PROBLEM TO WORK ON
Output the listing exactly as written, apart from its pictures.

RECORD EXCERPTS
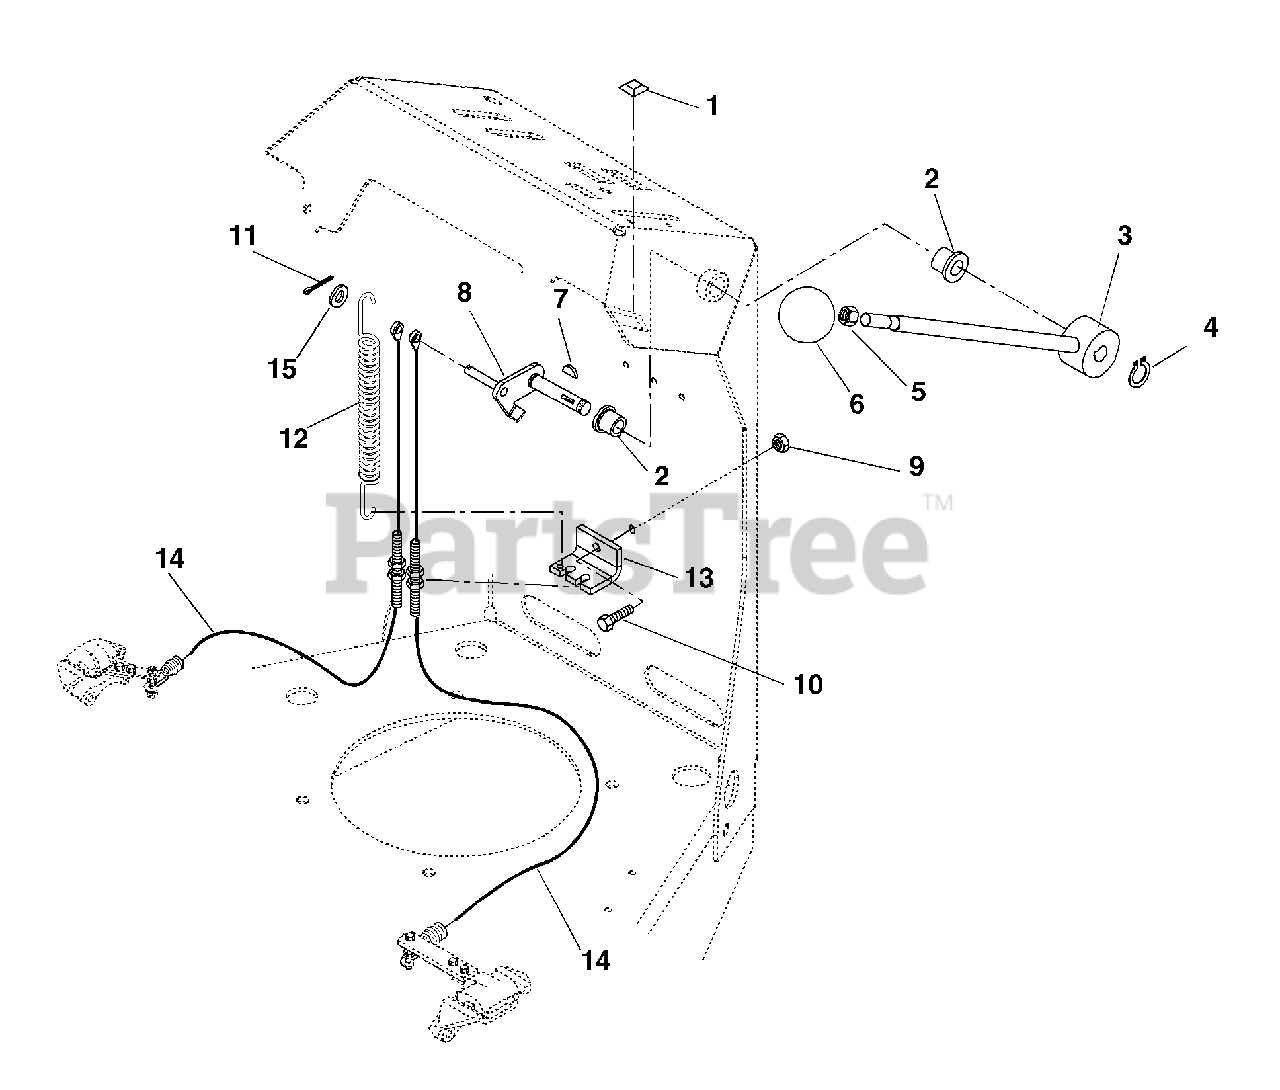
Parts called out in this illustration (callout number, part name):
1	Stop
2	Bushing-Flange .50 x .75 x .75 x 1.00
3	Weldment, Parking Brake Lever
4	Ring-Retaining-External .50 x .05
5	Nut-Hex-Jam .38-16
6	Knob-Steering Lock
7	Key-Woodruff .13 x .63
8	Weldment, Shaft Brake Activation
9	Nut-Locking-Nylon .31-18
10	Bolt-Hex .31-18 x 1.00 Grade 5
11	Pin-Cotter .09 x .75
12	Spring-Tension .062 x .56 x 8.0
13	Bracket, Cable
14	Cable, Parking Brake
15	Washer-Flat-Steel .344 x .688 x .065
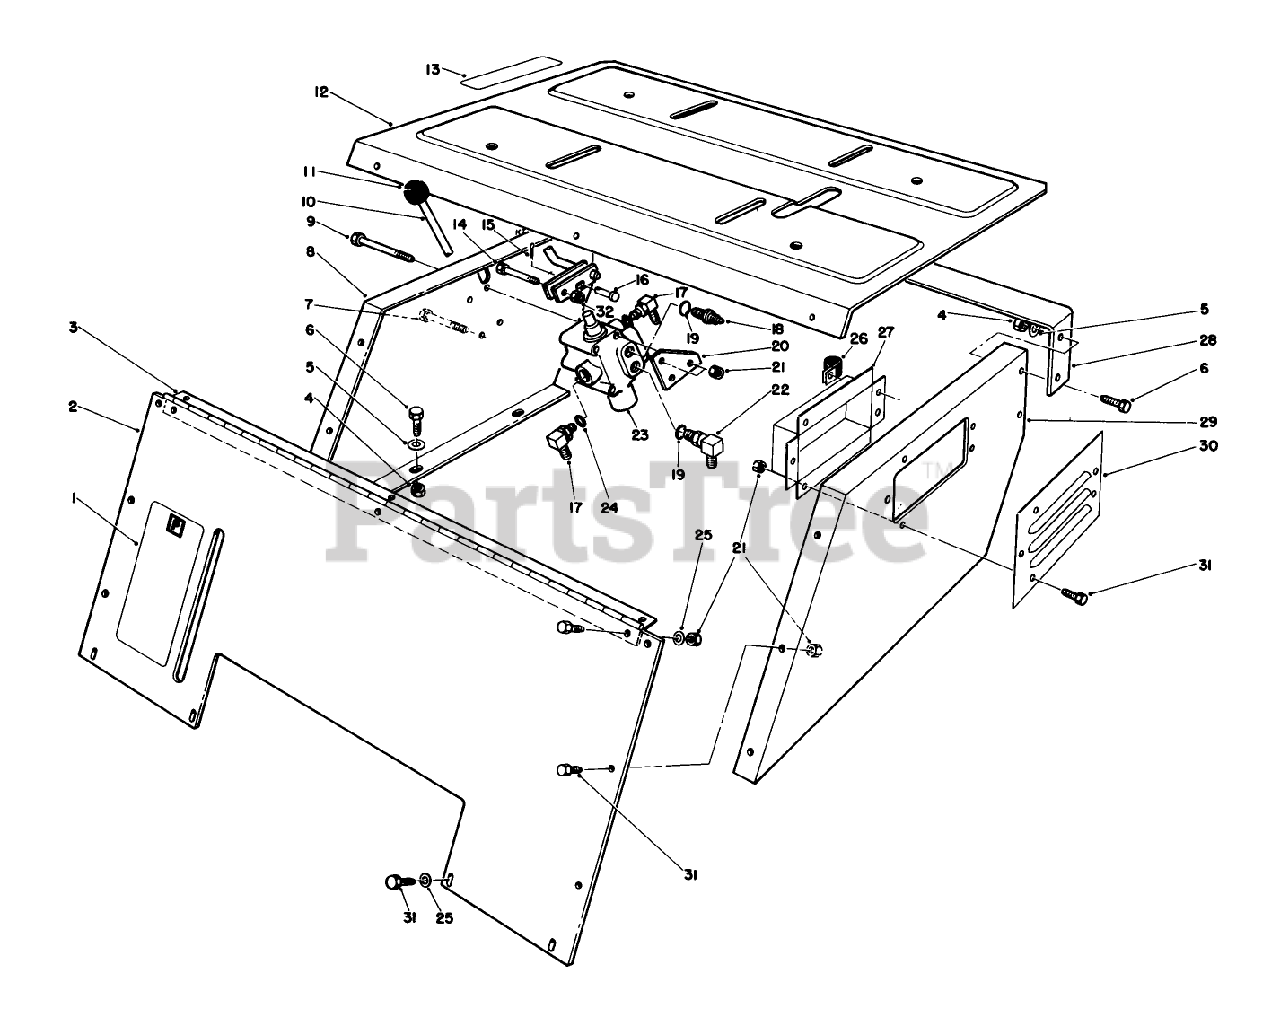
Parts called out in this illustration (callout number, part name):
1	Decal-Parking Brake
4	NUT-LOCK, NI
5	WASHER-PLAIN
6	SCREW-HH
7	SCREW-HH
9	SCREW-HH
12	SEAT PLATE *R
13	LIFT CONTROL DECAL
14	SCREW-HH
15	PIN-COTTER
16	PIN-CLEVIS
17	FITTING-HYD, 90 DEG
18	FITTING-STRAIGHT
19	O-RING
21	NUT-LOCK, NI
22	FITTING-ELBOW, 90
23	VALVE ASM
24	O-RING
25	WASHER-FLAT
26	CLAMP
27	AIR CHAMBER WA *B
31	SCREW-HH
32	NUT-HEX
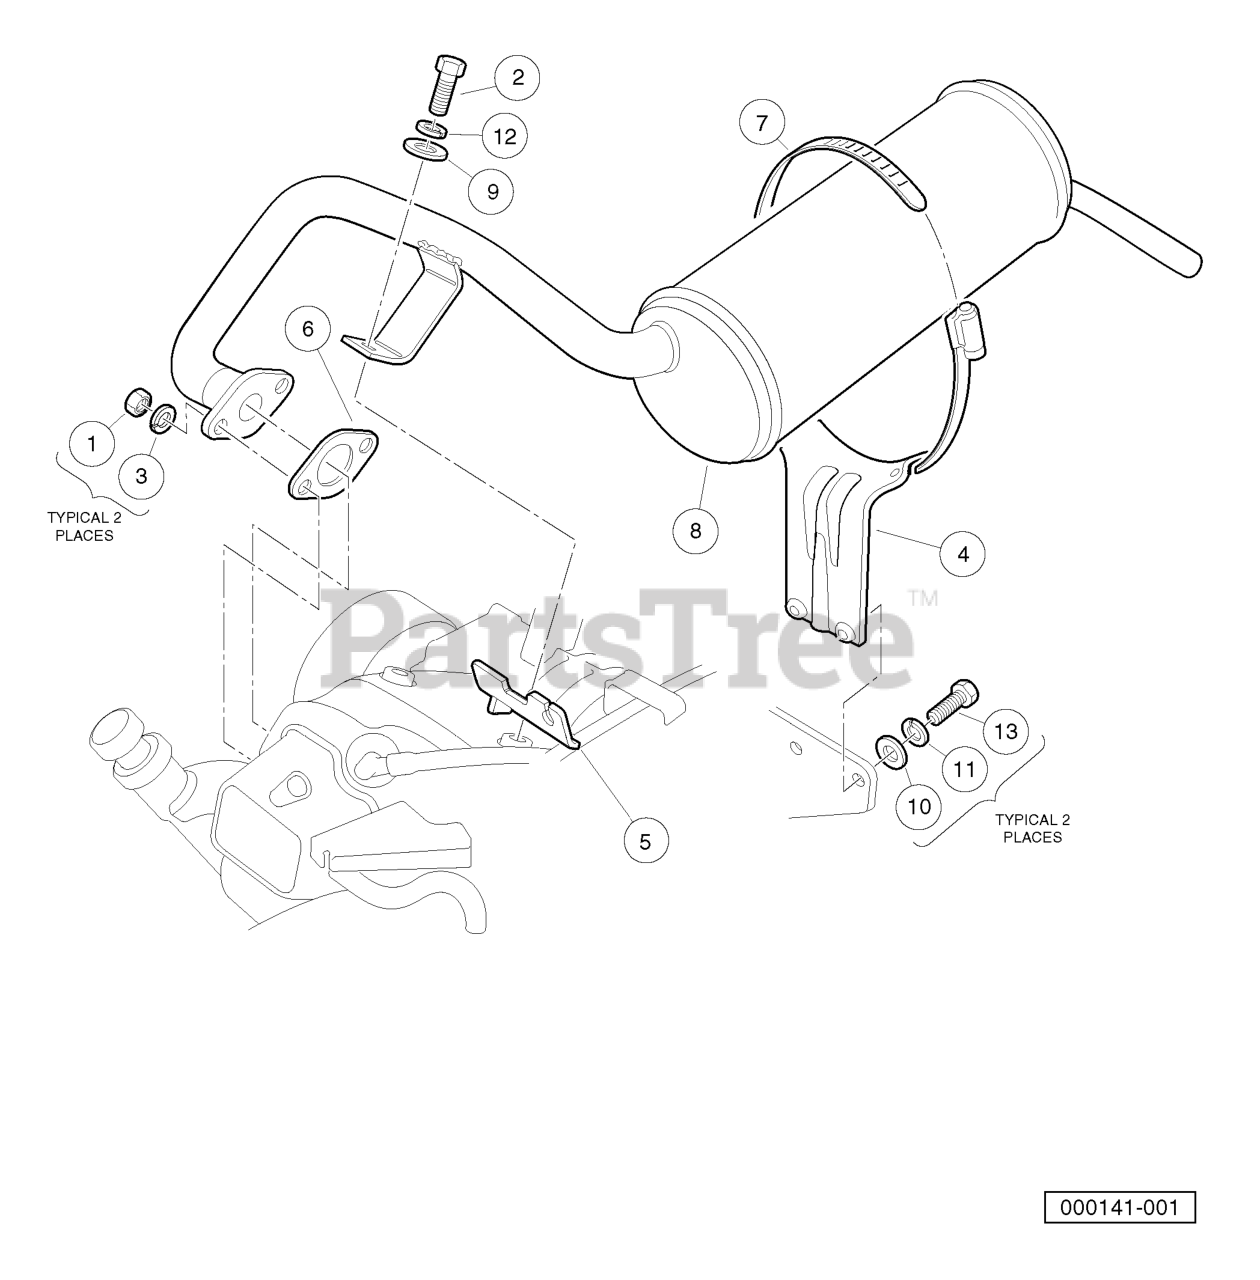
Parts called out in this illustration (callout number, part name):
1	NUT, M8-1.25 HEX
4	BRACKET, MUFFLER MOUNTING
7	CLAMP, 5" MUFFLER HOSE
8	EXHAUST SYSTEM, FE400
9	WASHER, 5/16 TYPE A FLAT
10	WASHER 1/4 FLAT
11	LOCKWASHER, 1/4 HELICAL SPLIT
12	LOCKWASHER, 5/16 SPLIT
13	SCREW, 1/4-20 X .75 HEX
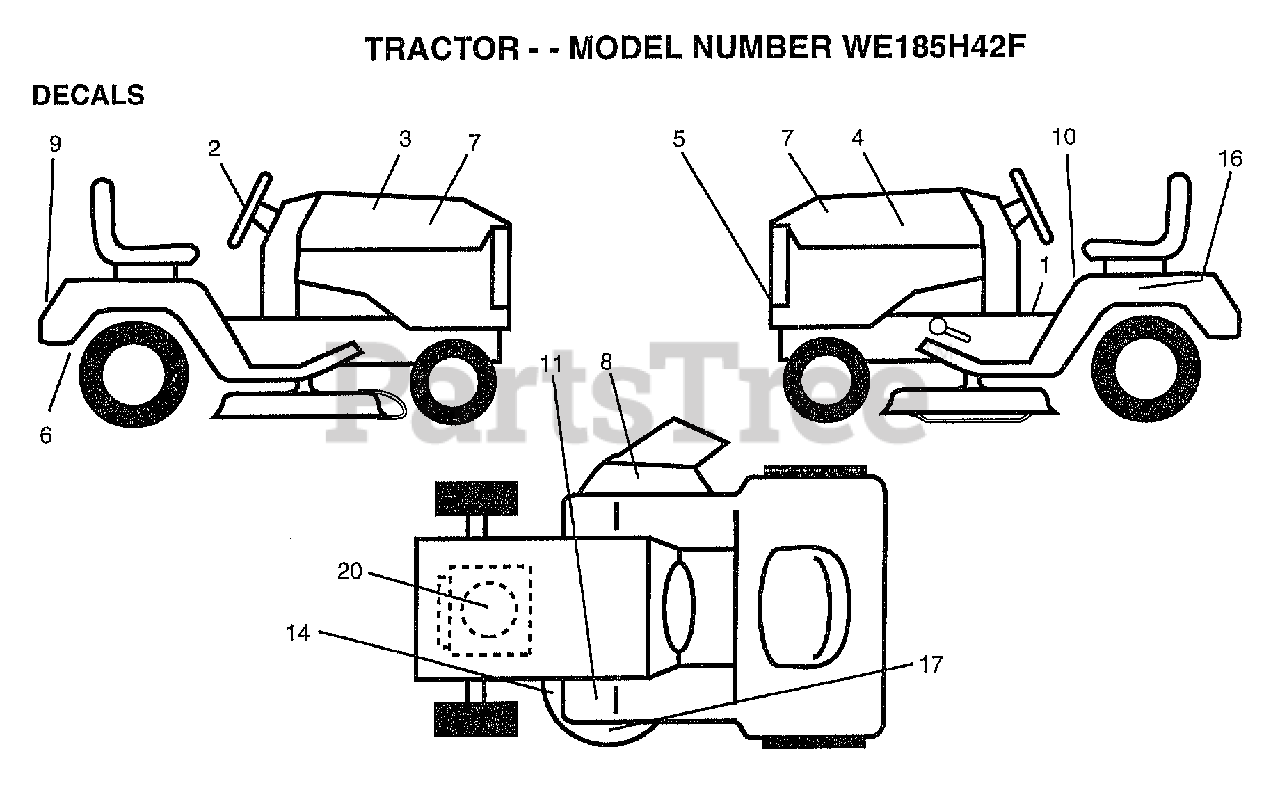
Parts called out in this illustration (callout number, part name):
1	DECAL SADDLE OPER
2	DECAL, INS STRG WH
3	DECAL.HOOD.RH.
4	DECAL.HOOD.LH
5	DECAL, GRILLE LENS
6	DECAL DRAWBAR LH
7	DECAL.PANEL.SIDE
8	"DECAL, WARNING"
9	DECAL.FENDER.LOGO
10	DECAL.CAUT.ENG/FR
11	DECAL T
14	"DECAL-SCHEM,BELT"
16	DECAL.BATRY.3-3908
17	DECAL, DECK GRASSEATER
20	DECAL.HP.ENGINE
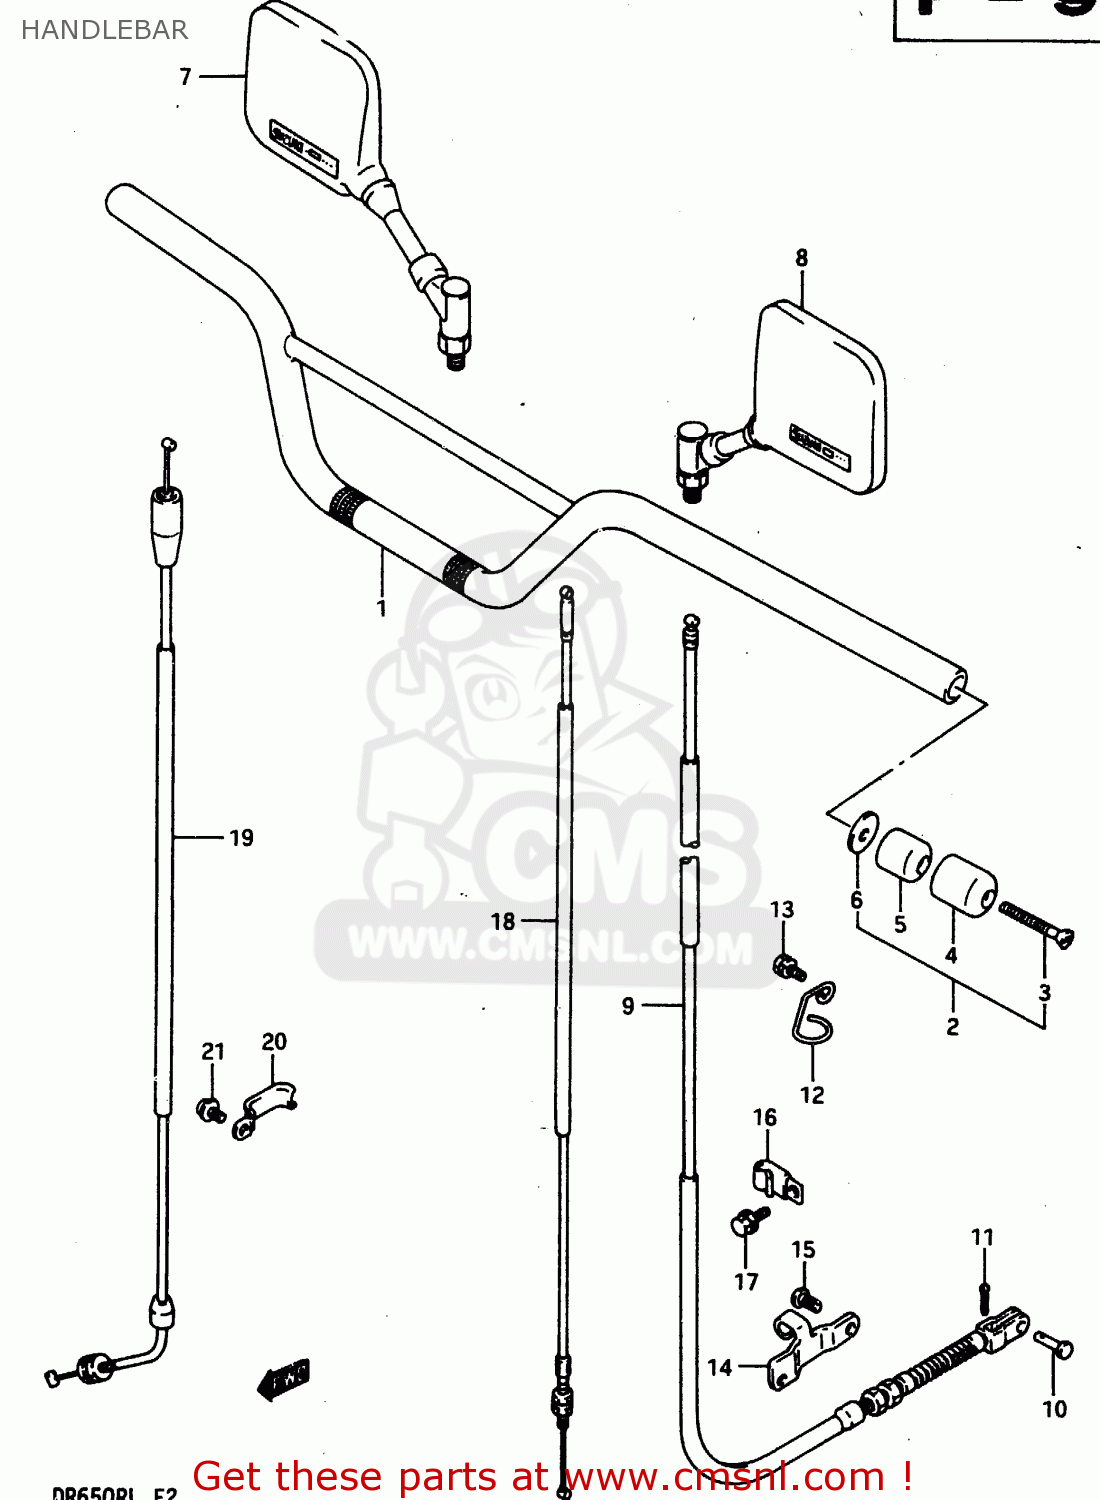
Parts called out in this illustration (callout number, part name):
1	HANDLEBAR(BLACK)
2	BALANCER SET,HANDLEBAR
3	SCREW
4	CAP,BALANCER
5	BALANCER,HANDLEBAR
6	SPACER,BALANCER
7	MIRROR ASSEMBLY,REAR VIEW
8	MIRROR ASSEMBLY,REAR VIEW
9	CABLE ASSY,CLUTCH
10	PIN(L:13)
11	PIN
12	GUIDE
13	BOLT ,6X12
14	STOPPER,CLUTCH CABLE
15	SCREW
16	CLAMP
17	BOLT
18	CABLE ASSY,DECOMP
19	CABLE ASSY,THROTTLE
20	CLAMP
21	SCREW

SOLUTION FOR THIS TASK
Parts called out in this illustration (callout number, part name):
1	Stop
2	Bushing-Flange .50 x .75 x .75 x 1.00
3	Weldment, Parking Brake Lever
4	Ring-Retaining-External .50 x .05
5	Nut-Hex-Jam .38-16
6	Knob-Steering Lock
7	Key-Woodruff .13 x .63
8	Weldment, Shaft Brake Activation
9	Nut-Locking-Nylon .31-18
10	Bolt-Hex .31-18 x 1.00 Grade 5
11	Pin-Cotter .09 x .75
12	Spring-Tension .062 x .56 x 8.0
13	Bracket, Cable
14	Cable, Parking Brake
15	Washer-Flat-Steel .344 x .688 x .065
Parts called out in this illustration (callout number, part name):
1	Decal-Parking Brake
4	NUT-LOCK, NI
5	WASHER-PLAIN
6	SCREW-HH
7	SCREW-HH
9	SCREW-HH
12	SEAT PLATE *R
13	LIFT CONTROL DECAL
14	SCREW-HH
15	PIN-COTTER
16	PIN-CLEVIS
17	FITTING-HYD, 90 DEG
18	FITTING-STRAIGHT
19	O-RING
21	NUT-LOCK, NI
22	FITTING-ELBOW, 90
23	VALVE ASM
24	O-RING
25	WASHER-FLAT
26	CLAMP
27	AIR CHAMBER WA *B
31	SCREW-HH
32	NUT-HEX
Parts called out in this illustration (callout number, part name):
1	NUT, M8-1.25 HEX
4	BRACKET, MUFFLER MOUNTING
7	CLAMP, 5" MUFFLER HOSE
8	EXHAUST SYSTEM, FE400
9	WASHER, 5/16 TYPE A FLAT
10	WASHER 1/4 FLAT
11	LOCKWASHER, 1/4 HELICAL SPLIT
12	LOCKWASHER, 5/16 SPLIT
13	SCREW, 1/4-20 X .75 HEX
Parts called out in this illustration (callout number, part name):
1	DECAL SADDLE OPER
2	DECAL, INS STRG WH
3	DECAL.HOOD.RH.
4	DECAL.HOOD.LH
5	DECAL, GRILLE LENS
6	DECAL DRAWBAR LH
7	DECAL.PANEL.SIDE
8	"DECAL, WARNING"
9	DECAL.FENDER.LOGO
10	DECAL.CAUT.ENG/FR
11	DECAL T
14	"DECAL-SCHEM,BELT"
16	DECAL.BATRY.3-3908
17	DECAL, DECK GRASSEATER
20	DECAL.HP.ENGINE
Parts called out in this illustration (callout number, part name):
1	HANDLEBAR(BLACK)
2	BALANCER SET,HANDLEBAR
3	SCREW
4	CAP,BALANCER
5	BALANCER,HANDLEBAR
6	SPACER,BALANCER
7	MIRROR ASSEMBLY,REAR VIEW
8	MIRROR ASSEMBLY,REAR VIEW
9	CABLE ASSY,CLUTCH
10	PIN(L:13)
11	PIN
12	GUIDE
13	BOLT ,6X12
14	STOPPER,CLUTCH CABLE
15	SCREW
16	CLAMP
17	BOLT
18	CABLE ASSY,DECOMP
19	CABLE ASSY,THROTTLE
20	CLAMP
21	SCREW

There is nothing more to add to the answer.